🤖 AI Summary
This work addresses the computational inefficiency of diffusion model sampling caused by the high cost of evaluating high-precision drift estimators. It introduces, for the first time, the multilevel Monte Carlo (MLMC) framework into diffusion sampling and proposes the Multilevel Euler–Maruyama (ML-EM) method. By constructing a hierarchy of UNet-based drift approximators with increasing accuracy and decreasing computational cost, ML-EM significantly reduces the expense of solving the underlying stochastic differential equation while preserving solution accuracy. Theoretical analysis shows that, under the high-temperature Metropolis–corrected (HTMC) regime, the method achieves polynomial acceleration, with an overall computational cost equivalent to a single evaluation of a high-precision drift estimator. Empirical results on CelebA 64×64 image generation demonstrate a practical speedup of 4× (γ≈2.5), confirming both its theoretical advantages and practical efficacy.
📝 Abstract
We introduce the Multilevel Euler-Maruyama (ML-EM) method compute solutions of SDEs and ODEs using a range of approximators $f^1,\dots,f^k$ to the drift $f$ with increasing accuracy and computational cost, only requiring a few evaluations of the most accurate $f^k$ and many evaluations of the less costly $f^1,\dots,f^{k-1}$. If the drift lies in the so-called Harder than Monte Carlo (HTMC) regime, i.e. it requires $ε^{-γ}$ compute to be $ε$-approximated for some $γ>2$, then ML-EM $ε$-approximates the solution of the SDE with $ε^{-γ}$ compute, improving over the traditional EM rate of $ε^{-γ-1}$. In other terms it allows us to solve the SDE at the same cost as a single evaluation of the drift.

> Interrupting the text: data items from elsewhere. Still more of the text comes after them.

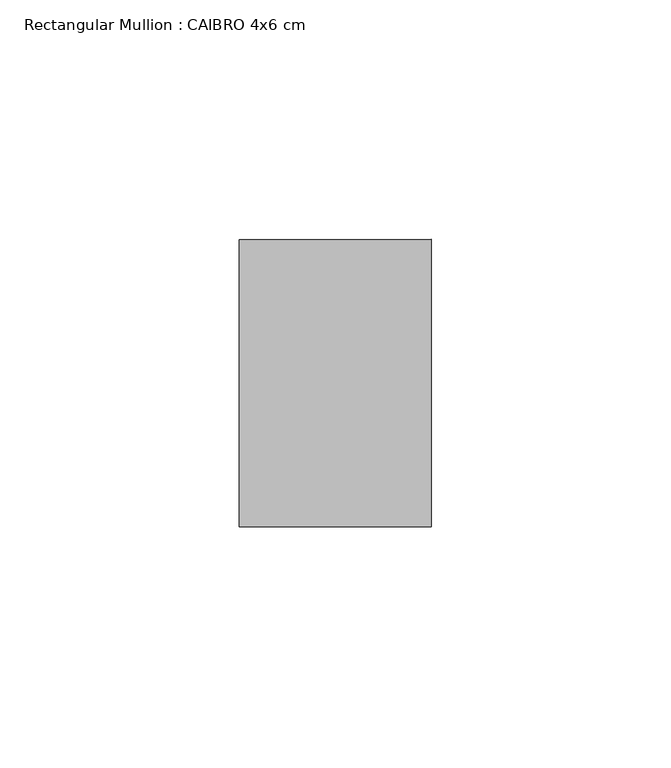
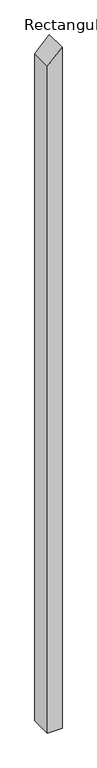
"""IFC4 building model written with IfcOpenShell, lengths in millimetres: member geometry, Rectangular Mullion : CAIBRO 4x6 cm."""

from ifc_helpers import new_model, si_unit, frame, origin, place, context, project, spatial, polyline, outline, extrude, source, transform, mapped, element, save


def rectangular_mullion_caibro_4x6_cm_2be9870d(model_context):
    return source(origin(), model_context, "Body", "SweptSolid", [
        extrude(outline(polyline([(-36.6621022, 20.0), (-77.109599, -20.0), (-2019.1768235, -20.0), (-2019.1768235, 20.0), (-36.6621022, 20.0)])), frame((0.0, 0.0, 0.0), z_axis=(0.0, 1.0, 0.0), x_axis=(0.0, 0.0, 1.0)), (0.0, 0.0, 1.0), 60.0),
    ])


if __name__ == "__main__":
    model = new_model("IFC4")
    model_context = context("Model", 3, world=origin())
    ifc_project = project(units=[si_unit("LENGTHUNIT", "METRE", prefix="MILLI")], contexts=[model_context])
    site = spatial("IfcSite", under=ifc_project)
    building = spatial("IfcBuilding", under=site)
    placement = place(None, origin())
    rectangular_mullion_caibro_4x6_cm_shape = rectangular_mullion_caibro_4x6_cm_2be9870d(model_context)
    element("IfcMember", 1, ObjectType="Rectangular Mullion : CAIBRO 4x6 cm", at=placement, inside=building, context=model_context, shape_type="MappedRepresentation", body=[
        mapped(rectangular_mullion_caibro_4x6_cm_shape, transform((0.0, 0.0, 0.0), x_axis=(1.0, 0.0, 0.0), y_axis=(0.0, 1.0, 0.0), z_axis=(0.0, 0.0, 1.0))),
    ])
    save(model, "model.ifc")

In the context of diffusion models, the different levels $f^{1},\dots,f^{k}$ are obtained by training UNets of increasing sizes, and ML-EM allows us to perform sampling with the equivalent of a single evaluation of the largest UNet. Our numerical experiments confirm our theory: we obtain up to fourfold speedups for image generation on the CelebA dataset downscaled to 64x64, where we measure a $γ\approx2.5$. Given that this is a polynomial speedup, we expect even stronger speedups in practical applications which involve orders of magnitude larger networks.